Checks if a field matches a regex pattern.

**Basic Usage:**

```yaml
- 'set(attributes["is_error"], IsMatch(body, "ERROR|FATAL"))'
```

**Example - Conditional field extraction:**

```yaml
ottlRules:
  - ruleName: "extract_http_status"
    conditions:
      - 'IsMatch(body, "HTTP/\\d\\.\\d\\s+\\d{3}")'
    statements:
      - 'set(cache, ExtractGrokPatterns(body, "HTTP/%{NUMBER:http_version}\\s+%{NUMBER:status_code}"))'
      - 'merge_maps(attributes, cache, "insert")'
      - 'set(attributes["is_error"], Int(attributes["status_code"]) >= 400)'
```

#### multiline\_merge

Reassembles multiline log entries into a single merge record.

**Basic Usage:**

```yaml
- 'multiline_merge("^\\d{4}-\\d{2}-\\d{2}")'
```

**Arguments:**

* `first_line_pattern` (string, required) - Regex matching the first line of a new block. Lines not matching are continuations.
* `max_lines` (int, optional, default: 128)- Maximum lines per block. Buffer is flushed when reached.
* `max_time` (string, optional, default: "800ms")- Maximum time for continuations. Buffer is flushed when reached.

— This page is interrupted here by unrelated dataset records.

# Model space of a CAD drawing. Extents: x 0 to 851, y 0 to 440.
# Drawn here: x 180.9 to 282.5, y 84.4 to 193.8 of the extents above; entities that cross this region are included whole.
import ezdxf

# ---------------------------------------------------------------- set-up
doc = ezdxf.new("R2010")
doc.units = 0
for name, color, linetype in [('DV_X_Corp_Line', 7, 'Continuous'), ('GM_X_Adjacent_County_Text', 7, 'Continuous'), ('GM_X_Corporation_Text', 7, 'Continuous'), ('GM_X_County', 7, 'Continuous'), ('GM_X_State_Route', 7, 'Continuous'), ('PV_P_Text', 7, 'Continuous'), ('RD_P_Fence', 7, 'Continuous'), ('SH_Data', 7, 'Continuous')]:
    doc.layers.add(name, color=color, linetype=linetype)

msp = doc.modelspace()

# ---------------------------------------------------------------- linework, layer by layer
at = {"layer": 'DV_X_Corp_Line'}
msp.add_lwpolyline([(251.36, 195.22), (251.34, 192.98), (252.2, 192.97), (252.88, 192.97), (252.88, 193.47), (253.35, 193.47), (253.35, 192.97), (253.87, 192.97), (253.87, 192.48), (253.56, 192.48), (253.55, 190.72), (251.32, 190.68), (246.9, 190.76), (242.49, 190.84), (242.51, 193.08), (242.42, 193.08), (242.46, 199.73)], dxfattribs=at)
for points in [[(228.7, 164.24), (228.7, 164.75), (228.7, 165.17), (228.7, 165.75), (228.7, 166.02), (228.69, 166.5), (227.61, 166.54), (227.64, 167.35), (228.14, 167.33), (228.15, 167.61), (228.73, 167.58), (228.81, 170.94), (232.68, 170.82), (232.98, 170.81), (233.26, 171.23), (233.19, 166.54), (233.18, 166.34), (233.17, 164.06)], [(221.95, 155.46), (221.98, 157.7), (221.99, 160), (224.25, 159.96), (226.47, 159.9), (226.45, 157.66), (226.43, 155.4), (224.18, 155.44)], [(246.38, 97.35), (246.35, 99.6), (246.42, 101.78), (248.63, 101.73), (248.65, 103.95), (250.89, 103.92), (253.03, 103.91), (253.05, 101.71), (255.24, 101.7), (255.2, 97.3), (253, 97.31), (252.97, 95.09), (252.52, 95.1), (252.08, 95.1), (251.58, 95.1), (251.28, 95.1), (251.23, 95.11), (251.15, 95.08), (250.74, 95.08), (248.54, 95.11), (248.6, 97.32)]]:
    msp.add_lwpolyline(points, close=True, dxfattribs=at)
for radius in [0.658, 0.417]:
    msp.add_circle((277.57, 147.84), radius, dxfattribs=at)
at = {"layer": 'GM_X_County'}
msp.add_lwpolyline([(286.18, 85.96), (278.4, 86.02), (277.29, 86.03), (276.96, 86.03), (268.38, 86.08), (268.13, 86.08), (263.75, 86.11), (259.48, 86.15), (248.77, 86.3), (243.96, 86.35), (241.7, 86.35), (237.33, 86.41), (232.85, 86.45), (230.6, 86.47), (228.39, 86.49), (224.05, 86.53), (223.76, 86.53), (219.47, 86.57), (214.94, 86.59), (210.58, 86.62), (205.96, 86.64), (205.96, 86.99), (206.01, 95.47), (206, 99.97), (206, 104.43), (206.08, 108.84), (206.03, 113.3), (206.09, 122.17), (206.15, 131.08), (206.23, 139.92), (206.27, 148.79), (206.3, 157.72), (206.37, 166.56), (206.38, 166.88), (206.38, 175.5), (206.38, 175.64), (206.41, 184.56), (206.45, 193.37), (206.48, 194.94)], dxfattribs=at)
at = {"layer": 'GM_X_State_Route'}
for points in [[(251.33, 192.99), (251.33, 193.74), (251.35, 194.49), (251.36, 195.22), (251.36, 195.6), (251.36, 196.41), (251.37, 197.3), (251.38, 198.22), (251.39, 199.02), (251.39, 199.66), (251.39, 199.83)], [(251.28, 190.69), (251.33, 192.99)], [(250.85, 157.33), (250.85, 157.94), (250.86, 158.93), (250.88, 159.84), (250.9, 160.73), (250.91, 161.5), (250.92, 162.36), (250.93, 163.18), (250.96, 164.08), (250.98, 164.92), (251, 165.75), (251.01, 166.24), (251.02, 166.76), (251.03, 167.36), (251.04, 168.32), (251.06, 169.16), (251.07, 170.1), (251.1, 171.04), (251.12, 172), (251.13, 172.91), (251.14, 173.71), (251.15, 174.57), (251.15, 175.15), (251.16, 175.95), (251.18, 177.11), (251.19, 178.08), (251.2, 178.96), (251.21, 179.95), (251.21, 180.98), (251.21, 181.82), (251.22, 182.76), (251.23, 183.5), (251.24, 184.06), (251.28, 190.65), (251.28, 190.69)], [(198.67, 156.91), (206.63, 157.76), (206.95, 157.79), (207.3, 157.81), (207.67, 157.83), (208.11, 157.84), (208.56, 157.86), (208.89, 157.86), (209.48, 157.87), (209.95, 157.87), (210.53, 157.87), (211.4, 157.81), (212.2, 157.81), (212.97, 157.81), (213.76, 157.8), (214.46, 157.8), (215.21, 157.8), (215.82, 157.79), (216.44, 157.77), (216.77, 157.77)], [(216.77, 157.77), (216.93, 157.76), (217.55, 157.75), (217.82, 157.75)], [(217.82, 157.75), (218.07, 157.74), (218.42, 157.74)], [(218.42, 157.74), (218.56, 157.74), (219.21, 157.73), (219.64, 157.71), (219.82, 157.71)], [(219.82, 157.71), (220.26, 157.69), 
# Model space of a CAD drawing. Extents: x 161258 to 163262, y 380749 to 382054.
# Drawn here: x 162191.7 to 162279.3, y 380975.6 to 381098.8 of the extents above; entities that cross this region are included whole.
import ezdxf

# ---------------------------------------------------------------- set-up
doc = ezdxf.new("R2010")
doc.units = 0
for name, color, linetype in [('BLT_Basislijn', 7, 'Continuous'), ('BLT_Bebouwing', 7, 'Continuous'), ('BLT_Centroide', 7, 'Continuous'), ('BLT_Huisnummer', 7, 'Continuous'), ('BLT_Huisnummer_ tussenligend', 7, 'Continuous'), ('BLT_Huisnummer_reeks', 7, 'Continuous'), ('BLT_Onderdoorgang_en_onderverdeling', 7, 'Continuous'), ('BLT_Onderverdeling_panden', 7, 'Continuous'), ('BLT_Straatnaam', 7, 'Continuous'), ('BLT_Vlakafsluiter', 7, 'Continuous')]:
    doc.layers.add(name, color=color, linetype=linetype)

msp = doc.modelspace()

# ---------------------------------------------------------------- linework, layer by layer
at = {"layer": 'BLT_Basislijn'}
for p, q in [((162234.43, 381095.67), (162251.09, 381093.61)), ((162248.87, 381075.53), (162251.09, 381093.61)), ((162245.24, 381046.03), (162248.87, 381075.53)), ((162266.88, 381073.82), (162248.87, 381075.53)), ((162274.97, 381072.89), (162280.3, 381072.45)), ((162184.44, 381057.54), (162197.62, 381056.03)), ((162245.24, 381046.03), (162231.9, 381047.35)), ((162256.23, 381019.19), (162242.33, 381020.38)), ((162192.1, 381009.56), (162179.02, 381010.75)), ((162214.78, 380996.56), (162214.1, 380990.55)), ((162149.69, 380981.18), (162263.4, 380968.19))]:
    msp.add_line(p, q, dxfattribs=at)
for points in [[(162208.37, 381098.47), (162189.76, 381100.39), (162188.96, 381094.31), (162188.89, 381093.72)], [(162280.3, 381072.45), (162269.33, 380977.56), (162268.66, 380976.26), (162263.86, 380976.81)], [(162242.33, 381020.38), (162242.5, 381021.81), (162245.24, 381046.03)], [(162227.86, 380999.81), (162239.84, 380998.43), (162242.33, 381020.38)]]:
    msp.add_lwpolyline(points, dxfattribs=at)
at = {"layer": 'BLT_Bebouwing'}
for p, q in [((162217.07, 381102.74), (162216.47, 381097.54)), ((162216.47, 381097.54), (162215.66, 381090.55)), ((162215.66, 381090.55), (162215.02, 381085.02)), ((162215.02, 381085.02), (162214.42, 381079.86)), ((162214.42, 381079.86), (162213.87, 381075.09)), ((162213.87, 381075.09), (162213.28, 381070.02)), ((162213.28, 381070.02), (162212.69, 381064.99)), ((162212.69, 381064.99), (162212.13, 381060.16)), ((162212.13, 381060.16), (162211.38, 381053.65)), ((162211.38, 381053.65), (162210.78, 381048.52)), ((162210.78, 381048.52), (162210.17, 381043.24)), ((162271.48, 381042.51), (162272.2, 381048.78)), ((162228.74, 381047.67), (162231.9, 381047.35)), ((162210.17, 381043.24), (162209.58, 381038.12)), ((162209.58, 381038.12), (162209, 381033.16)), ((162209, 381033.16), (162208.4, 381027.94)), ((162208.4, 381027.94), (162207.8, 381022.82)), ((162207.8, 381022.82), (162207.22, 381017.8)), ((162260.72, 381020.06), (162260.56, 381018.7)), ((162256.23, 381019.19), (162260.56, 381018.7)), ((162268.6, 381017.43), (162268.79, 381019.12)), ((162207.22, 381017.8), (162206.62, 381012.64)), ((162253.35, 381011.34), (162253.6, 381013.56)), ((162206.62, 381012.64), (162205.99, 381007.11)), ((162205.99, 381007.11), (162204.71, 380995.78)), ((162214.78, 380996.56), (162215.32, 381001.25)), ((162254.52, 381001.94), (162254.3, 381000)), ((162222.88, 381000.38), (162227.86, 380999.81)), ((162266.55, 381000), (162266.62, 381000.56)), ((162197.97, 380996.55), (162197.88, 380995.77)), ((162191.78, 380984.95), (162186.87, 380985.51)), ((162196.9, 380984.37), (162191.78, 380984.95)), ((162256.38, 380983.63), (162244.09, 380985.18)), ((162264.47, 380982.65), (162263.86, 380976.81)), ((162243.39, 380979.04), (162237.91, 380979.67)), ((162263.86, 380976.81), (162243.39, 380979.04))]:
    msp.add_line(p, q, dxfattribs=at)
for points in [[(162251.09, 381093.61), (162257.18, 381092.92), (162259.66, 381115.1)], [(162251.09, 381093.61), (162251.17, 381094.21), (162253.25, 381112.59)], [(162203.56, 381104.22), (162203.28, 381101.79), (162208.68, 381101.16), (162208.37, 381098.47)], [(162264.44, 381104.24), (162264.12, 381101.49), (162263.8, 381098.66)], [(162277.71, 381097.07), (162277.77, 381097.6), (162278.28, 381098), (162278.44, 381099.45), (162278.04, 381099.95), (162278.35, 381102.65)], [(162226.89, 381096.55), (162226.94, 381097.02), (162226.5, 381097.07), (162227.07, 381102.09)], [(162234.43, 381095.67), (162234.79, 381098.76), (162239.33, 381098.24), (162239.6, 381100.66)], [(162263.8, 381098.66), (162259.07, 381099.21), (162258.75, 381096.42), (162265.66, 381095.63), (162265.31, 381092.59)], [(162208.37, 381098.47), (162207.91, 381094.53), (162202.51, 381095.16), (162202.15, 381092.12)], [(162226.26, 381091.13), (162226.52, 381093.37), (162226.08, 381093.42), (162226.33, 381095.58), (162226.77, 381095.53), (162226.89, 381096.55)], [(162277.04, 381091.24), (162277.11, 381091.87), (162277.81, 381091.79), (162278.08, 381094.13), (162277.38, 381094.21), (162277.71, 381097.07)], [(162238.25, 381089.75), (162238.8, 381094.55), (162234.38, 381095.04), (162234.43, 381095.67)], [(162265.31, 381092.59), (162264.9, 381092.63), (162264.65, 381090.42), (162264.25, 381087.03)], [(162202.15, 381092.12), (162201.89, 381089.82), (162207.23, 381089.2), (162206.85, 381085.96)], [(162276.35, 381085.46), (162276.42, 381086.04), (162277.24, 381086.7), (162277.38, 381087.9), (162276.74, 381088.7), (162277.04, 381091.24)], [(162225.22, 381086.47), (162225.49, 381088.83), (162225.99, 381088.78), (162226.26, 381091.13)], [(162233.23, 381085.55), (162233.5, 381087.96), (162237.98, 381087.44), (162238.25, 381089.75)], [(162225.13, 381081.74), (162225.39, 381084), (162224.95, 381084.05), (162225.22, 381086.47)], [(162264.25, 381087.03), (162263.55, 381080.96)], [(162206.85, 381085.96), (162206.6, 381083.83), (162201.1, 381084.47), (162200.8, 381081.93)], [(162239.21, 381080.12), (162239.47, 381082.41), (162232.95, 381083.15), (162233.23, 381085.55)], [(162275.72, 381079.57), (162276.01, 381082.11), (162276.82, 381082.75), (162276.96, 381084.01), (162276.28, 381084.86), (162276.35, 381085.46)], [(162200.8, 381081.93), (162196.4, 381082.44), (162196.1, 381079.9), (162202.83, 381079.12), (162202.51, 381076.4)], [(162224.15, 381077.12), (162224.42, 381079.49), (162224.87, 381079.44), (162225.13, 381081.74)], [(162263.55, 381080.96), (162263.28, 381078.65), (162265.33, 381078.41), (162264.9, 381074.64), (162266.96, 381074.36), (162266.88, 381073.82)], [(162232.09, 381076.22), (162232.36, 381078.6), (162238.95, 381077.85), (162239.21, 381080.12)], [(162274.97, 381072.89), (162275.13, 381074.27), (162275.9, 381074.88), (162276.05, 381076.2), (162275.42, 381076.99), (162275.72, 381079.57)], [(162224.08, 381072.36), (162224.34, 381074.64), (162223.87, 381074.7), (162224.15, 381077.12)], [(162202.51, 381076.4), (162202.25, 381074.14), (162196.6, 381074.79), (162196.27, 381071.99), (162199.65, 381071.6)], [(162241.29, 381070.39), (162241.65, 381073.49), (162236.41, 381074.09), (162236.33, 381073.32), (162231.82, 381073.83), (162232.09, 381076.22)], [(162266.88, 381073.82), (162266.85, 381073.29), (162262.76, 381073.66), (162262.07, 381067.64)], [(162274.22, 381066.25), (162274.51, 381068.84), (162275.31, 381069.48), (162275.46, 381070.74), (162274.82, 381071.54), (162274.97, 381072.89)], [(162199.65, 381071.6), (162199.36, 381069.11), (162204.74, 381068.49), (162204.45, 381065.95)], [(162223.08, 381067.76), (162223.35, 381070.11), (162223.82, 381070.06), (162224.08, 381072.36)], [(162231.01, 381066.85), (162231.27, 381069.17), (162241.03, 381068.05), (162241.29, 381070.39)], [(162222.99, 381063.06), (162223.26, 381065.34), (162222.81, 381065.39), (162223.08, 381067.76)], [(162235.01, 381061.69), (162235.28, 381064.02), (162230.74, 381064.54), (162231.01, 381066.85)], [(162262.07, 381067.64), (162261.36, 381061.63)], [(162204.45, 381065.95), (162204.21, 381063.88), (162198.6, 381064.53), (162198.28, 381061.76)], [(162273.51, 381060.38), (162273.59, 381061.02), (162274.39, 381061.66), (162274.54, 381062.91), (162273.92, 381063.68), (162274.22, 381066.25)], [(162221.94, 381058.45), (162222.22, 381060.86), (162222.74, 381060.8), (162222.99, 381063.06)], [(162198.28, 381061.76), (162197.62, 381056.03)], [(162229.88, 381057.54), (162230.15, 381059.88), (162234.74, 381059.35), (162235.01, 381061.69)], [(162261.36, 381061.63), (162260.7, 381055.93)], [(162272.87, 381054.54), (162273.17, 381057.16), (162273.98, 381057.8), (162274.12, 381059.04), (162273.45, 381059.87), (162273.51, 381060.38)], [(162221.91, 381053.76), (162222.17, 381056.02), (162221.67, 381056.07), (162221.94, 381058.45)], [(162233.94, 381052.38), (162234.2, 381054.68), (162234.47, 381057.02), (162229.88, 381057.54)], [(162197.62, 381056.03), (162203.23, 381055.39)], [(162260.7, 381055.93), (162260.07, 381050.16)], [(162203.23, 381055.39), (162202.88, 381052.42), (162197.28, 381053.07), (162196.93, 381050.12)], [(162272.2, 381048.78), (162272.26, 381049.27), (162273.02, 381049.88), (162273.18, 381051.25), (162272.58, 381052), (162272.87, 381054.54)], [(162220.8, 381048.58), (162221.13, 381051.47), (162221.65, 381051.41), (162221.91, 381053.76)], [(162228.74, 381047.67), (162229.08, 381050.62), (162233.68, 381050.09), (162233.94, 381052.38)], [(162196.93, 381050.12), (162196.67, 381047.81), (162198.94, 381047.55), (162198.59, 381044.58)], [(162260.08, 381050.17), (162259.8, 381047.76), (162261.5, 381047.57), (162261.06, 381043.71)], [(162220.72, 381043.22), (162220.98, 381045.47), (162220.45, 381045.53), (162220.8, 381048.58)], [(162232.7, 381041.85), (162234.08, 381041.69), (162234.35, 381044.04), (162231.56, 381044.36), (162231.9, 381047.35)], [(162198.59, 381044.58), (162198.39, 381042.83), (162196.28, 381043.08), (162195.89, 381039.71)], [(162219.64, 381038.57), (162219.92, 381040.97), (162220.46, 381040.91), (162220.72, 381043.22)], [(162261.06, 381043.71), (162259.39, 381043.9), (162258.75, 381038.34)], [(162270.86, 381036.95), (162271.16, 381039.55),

**Example - Merge then parse with grok:**

```yaml
ottlRules:
  - ruleName: "merge-and-extract"
    conditions:
      - 'workload == "api-server"'
    statements:
      - 'multiline_merge("^\\d{4}-\\d{2}-\\d{2}", 64, "500ms")'
      - 'set(cache, ExtractGrokPatterns(body, "^%{TIMESTAMP_ISO8601:timestamp}%{SPACE}%{LOGLEVEL:level}%{SPACE}%{GREEDYDATA:message}"))'
      - 'merge_maps(attributes, cache, "insert")'
```

**Important notes:**

* Place `multiline_merge` as the first statement in the rule. Subsequent statements see the merged content when a flush occurs.
* The rule's conditions must capture both first lines and continuations, don't filter on a pattern that only matches first lines.
* Buffers are isolated per instance. Logs from different pods. containers or files never mix.